[AIM OF THE TASK]
Retype exactly the lines of the material below, from the one containing "STEP (ISO 10303-21)" through the last, with both ends kept.

[RECORDED DATA]
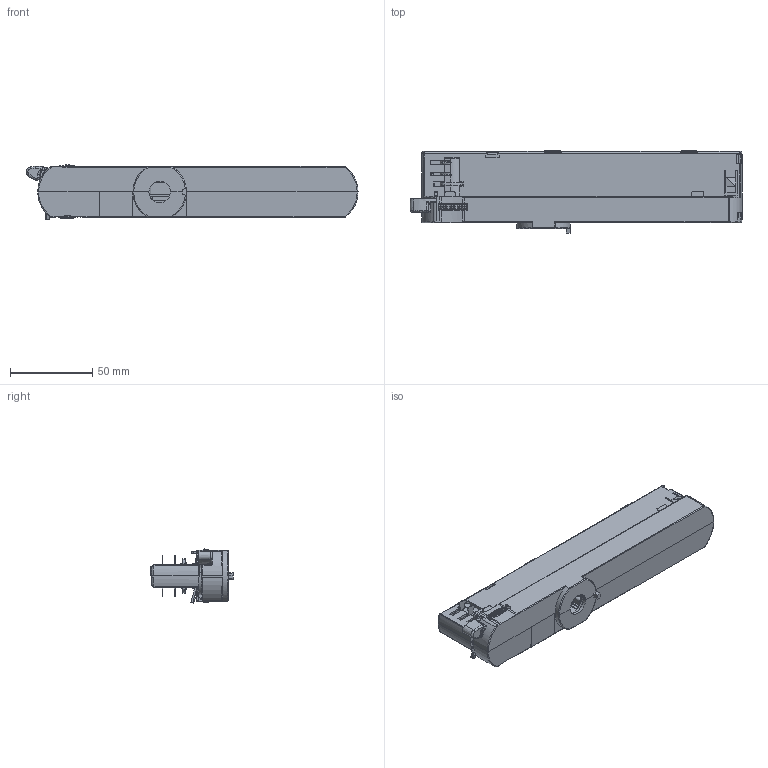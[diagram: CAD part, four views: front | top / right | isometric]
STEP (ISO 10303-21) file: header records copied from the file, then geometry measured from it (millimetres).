
FILE_DESCRIPTION (( 'STEP AP214' ), '1' );
FILE_NAME ('4 lines.STEP', '2022-12-08T03:29:37', ( '' ), ( '' ), 'SwSTEP 2.0', 'SolidWorks 2020', '' );
FILE_SCHEMA (( 'AUTOMOTIVE_DESIGN' ));
Length unit declared in the file: millimetre
Products named in the file (1): 4 lines
Bounding box: 202.19 x 50.1 x 33.07 mm (x, y, z)
Volume: 136069 mm3; surface area: 66884.1 mm2
Topology: 3 solids, 8 shells, 3237 faces, 8977 edges, 5672 vertices
Faces by surface type: plane 1661, bspline 939, cylinder 553, cone 51, torus 25, sphere 8
Entity records: 170456 total; most frequent: CARTESIAN_POINT 63206, ORIENTED_EDGE 17932, DIRECTION 11308, EDGE_CURVE 8966, VERTEX_POINT 5672, LINE 4670, VECTOR 4670, EDGE_LOOP 3320

[ANSWER FOR THIS EXERCISE]
STEP (ISO 10303-21) file: header records copied from the file, then geometry measured from it (millimetres).
FILE_DESCRIPTION (( 'STEP AP214' ), '1' );
FILE_NAME ('4 lines.STEP', '2022-12-08T03:29:37', ( '' ), ( '' ), 'SwSTEP 2.0', 'SolidWorks 2020', '' );
FILE_SCHEMA (( 'AUTOMOTIVE_DESIGN' ));
Length unit declared in the file: millimetre
Products named in the file (1): 4 lines
Bounding box: 202.19 x 50.1 x 33.07 mm (x, y, z)
Volume: 136069 mm3; surface area: 66884.1 mm2
Topology: 3 solids, 8 shells, 3237 faces, 8977 edges, 5672 vertices
Faces by surface type: plane 1661, bspline 939, cylinder 553, cone 51, torus 25, sphere 8
Entity records: 170456 total; most frequent: CARTESIAN_POINT 63206, ORIENTED_EDGE 17932, DIRECTION 11308, EDGE_CURVE 8966, VERTEX_POINT 5672, LINE 4670, VECTOR 4670, EDGE_LOOP 3320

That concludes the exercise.